Neha Sharma [00:15:19]: And this is actually hallucination. This is not true. There's no control m in notebooks, but on the right, it captures it perfectly. It. We actually have a new cell UI that we are launching. So some users see the old, the original Ui, some people see the new, and this captures that. So it depending on, hey, if you want to do with the original one, this is how you do it with the new. This is how you do it.
Neha Sharma [00:15:40]: So very contextual, very, very useful. Anecdotally, we're seeing the improvements and we're also seeing them in our eval metrics. Edge, hurry up. Okay, all right, let me skip the challenges slide then. And let me talk about what we're thinking about doing beyond rag. I talked about rag. But one big area for quality improvements for us is fine tuning. We roughly think about this in two types of fine tuning.
Neha Sharma [00:16:04]: One is injecting more Databricks knowledge into the model, and we leverage our internal mosaic research teams APIs for this. But there's also general instruction fine tuning. And here's where we want to avoid overfitting. We don't want the model just to spit out databrick syntax for the sake of spitting out databrick syntax. So we employ these two together. And one application of that has been the system autocomplete that I talked about. So this experience has actually been developed entirely on databricks, all the way from remodel to fine tuning to model serving. So we do use a smaller model for this.

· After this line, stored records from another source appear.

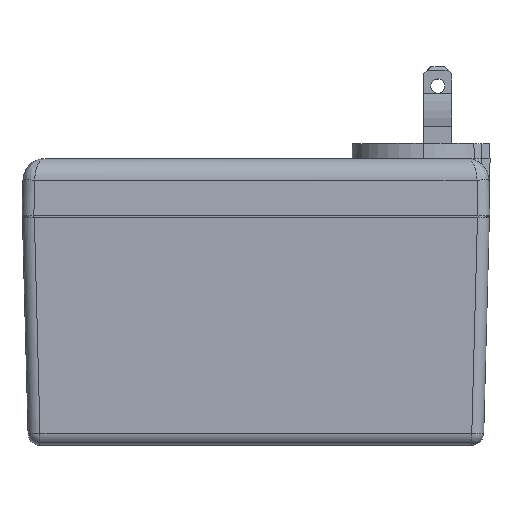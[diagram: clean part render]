
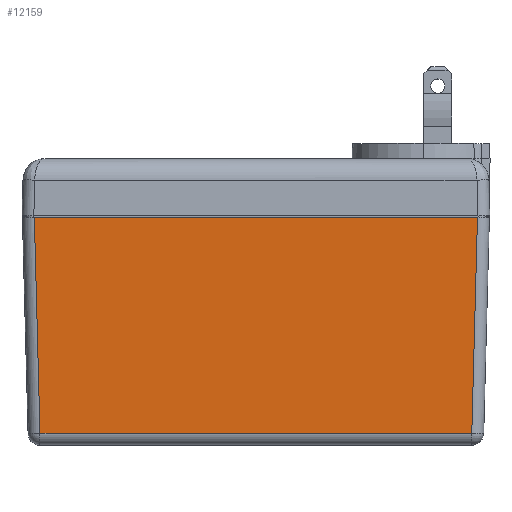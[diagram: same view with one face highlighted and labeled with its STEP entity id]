
A CAD part, top view. The second image highlights one B-rep face of the part: STEP entity #12159.
In plain terms, the highlighted planar face has unit normal (0, -0.026, 1).
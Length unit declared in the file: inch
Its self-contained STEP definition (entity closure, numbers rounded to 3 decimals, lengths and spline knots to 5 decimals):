
#664 = FACE_OUTER_BOUND ( 'NONE', #18835, .T. ) ;
#2152 = DIRECTION ( 'NONE',  ( 1., 0., 0. ) ) ;
#2153 = CARTESIAN_POINT ( 'NONE',  ( -2.0545, 0., 1.116 ) ) ;
#2154 = DIRECTION ( 'NONE',  ( 0.026, -0.999, -0.026 ) ) ;
#2155 = CARTESIAN_POINT ( 'NONE',  ( -1.94961, 0.00274, 1.11607 ) ) ;
#2156 = DIRECTION ( 'NONE',  ( 0.026, 0.999, 0.026 ) ) ;
#2158 = CARTESIAN_POINT ( 'NONE',  ( 1.94679, -0.10471, 1.11326 ) ) ;
#2208 = DIRECTION ( 'NONE',  ( 1., 0., 0. ) ) ;
#2217 = CARTESIAN_POINT ( 'NONE',  ( -2.0545, -1.90275, 1.06617 ) ) ;
#6276 = CARTESIAN_POINT ( 'NONE',  ( 1.94954, 0., 1.116 ) ) ;
#6292 = CARTESIAN_POINT ( 'NONE',  ( -1.89971, -1.90275, 1.06617 ) ) ;
#6294 = CARTESIAN_POINT ( 'NONE',  ( -1.94954, 0., 1.116 ) ) ;
#6359 = CARTESIAN_POINT ( 'NONE',  ( 1.89971, -1.90275, 1.06617 ) ) ;
#9204 = DIRECTION ( 'NONE',  ( 0., -1., -0.026 ) ) ;
#9206 = DIRECTION ( 'NONE',  ( 0., -0.026, 1. ) ) ;
#9210 = PLANE ( 'NONE',  #15215 ) ;
#9212 = CARTESIAN_POINT ( 'NONE',  ( -2.0545, 0., 1.116 ) ) ;
#10347 = EDGE_CURVE ( 'NONE', #19601, #19608, #16003, .T. ) ;
#10361 = EDGE_CURVE ( 'NONE', #19608, #19569, #15958, .T. ) ;
#10362 = EDGE_CURVE ( 'NONE', #19564, #19601, #15954, .T. ) ;
#10363 = EDGE_CURVE ( 'NONE', #19564, #19569, #15951, .T. ) ;
#12159 = ADVANCED_FACE ( 'NONE', ( #664 ), #9210, .T. ) ;
#15215 = AXIS2_PLACEMENT_3D ( 'NONE', #9212, #9206, #9204 ) ;
#15949 = VECTOR ( 'NONE', #2152, 39.37008 ) ;
#15951 = LINE ( 'NONE', #2153, #15949 ) ;
#15953 = VECTOR ( 'NONE', #2154, 39.37008 ) ;
#15954 = LINE ( 'NONE', #2155, #15953 ) ;
#15957 = VECTOR ( 'NONE', #2156, 39.37008 ) ;
#15958 = LINE ( 'NONE', #2158, #15957 ) ;
#16003 = LINE ( 'NONE', #2217, #16009 ) ;
#16009 = VECTOR ( 'NONE', #2208, 39.37008 ) ;
#18351 = ORIENTED_EDGE ( 'NONE', *, *, #10362, .T. ) ;
#18352 = ORIENTED_EDGE ( 'NONE', *, *, #10363, .F. ) ;
#18353 = ORIENTED_EDGE ( 'NONE', *, *, #10361, .T. ) ;
#18354 = ORIENTED_EDGE ( 'NONE', *, *, #10347, .T. ) ;
#18835 = EDGE_LOOP ( 'NONE', ( #18354, #18353, #18352, #18351 ) ) ;
#19564 = VERTEX_POINT ( 'NONE', #6294 ) ;
#19569 = VERTEX_POINT ( 'NONE', #6276 ) ;
#19601 = VERTEX_POINT ( 'NONE', #6292 ) ;
#19608 = VERTEX_POINT ( 'NONE', #6359 ) ;

Neha Sharma [00:16:43]: We fine tune using our own model serving model served through databricks APIs. And just wanted to mention that the low latency was a key requirement for us to do this. So you can see here as you're typing, it really understands your schema. It's giving you really specific information about what you need. It knows about your tables, it knows about your syntax, it knows what you want. So this is the result of fine tuning. And lastly, this is the direction we're going. It's a bit of a bold vision, but imagine a Databricks that's catered to you, that's tailored to your experience per customer.
Neha Sharma [00:17:20]: So it knows your business lingo, it knows all of your abbreviations, your data itself. And everything is built on Databricks platform without having to leave the platform itself. So privacy is taken care of, security is taken care of, and this is something that we're working on next. All right, thank you. So very early on, questions stuck in my mind. So when you are doing the context of like what is this code or error? The limit, like, yeah, there is a limit. So we do a lot of, we do a lot of preprocessing before we send all the context to our services to make the call. The limit really is dependent on the model.
Neha Sharma [00:18:05]: So there's no like one we depending on which model we're routing to. So we do, we do a lot of processing on that. But I mean like limited line on quote, like how many lines? Oh, you, oh, sorry. I thought you were talking about context limit. Limit of line of code is one thing. Also important. But I mean, like, literally reading, like, error, find the error. Help me with fixing.
Neha Sharma [00:18:23]: Yeah, we limit it. So the way we do it is we have, like, ranks of, like, okay, what's important per cell? Like, a current focus cell is probably very important. And so once we put the context together, then we start the trimming process if we need to, and then we'll trim based on what's less relevant or what's less important in a hundred lineup code or 1000 line of code or a million. Oh, that. We send the whole line. There is a limit for, like, cell numbers itself. So. But we send the whole context there.
Neha Sharma [00:18:54]: We send the whole cell there for sure.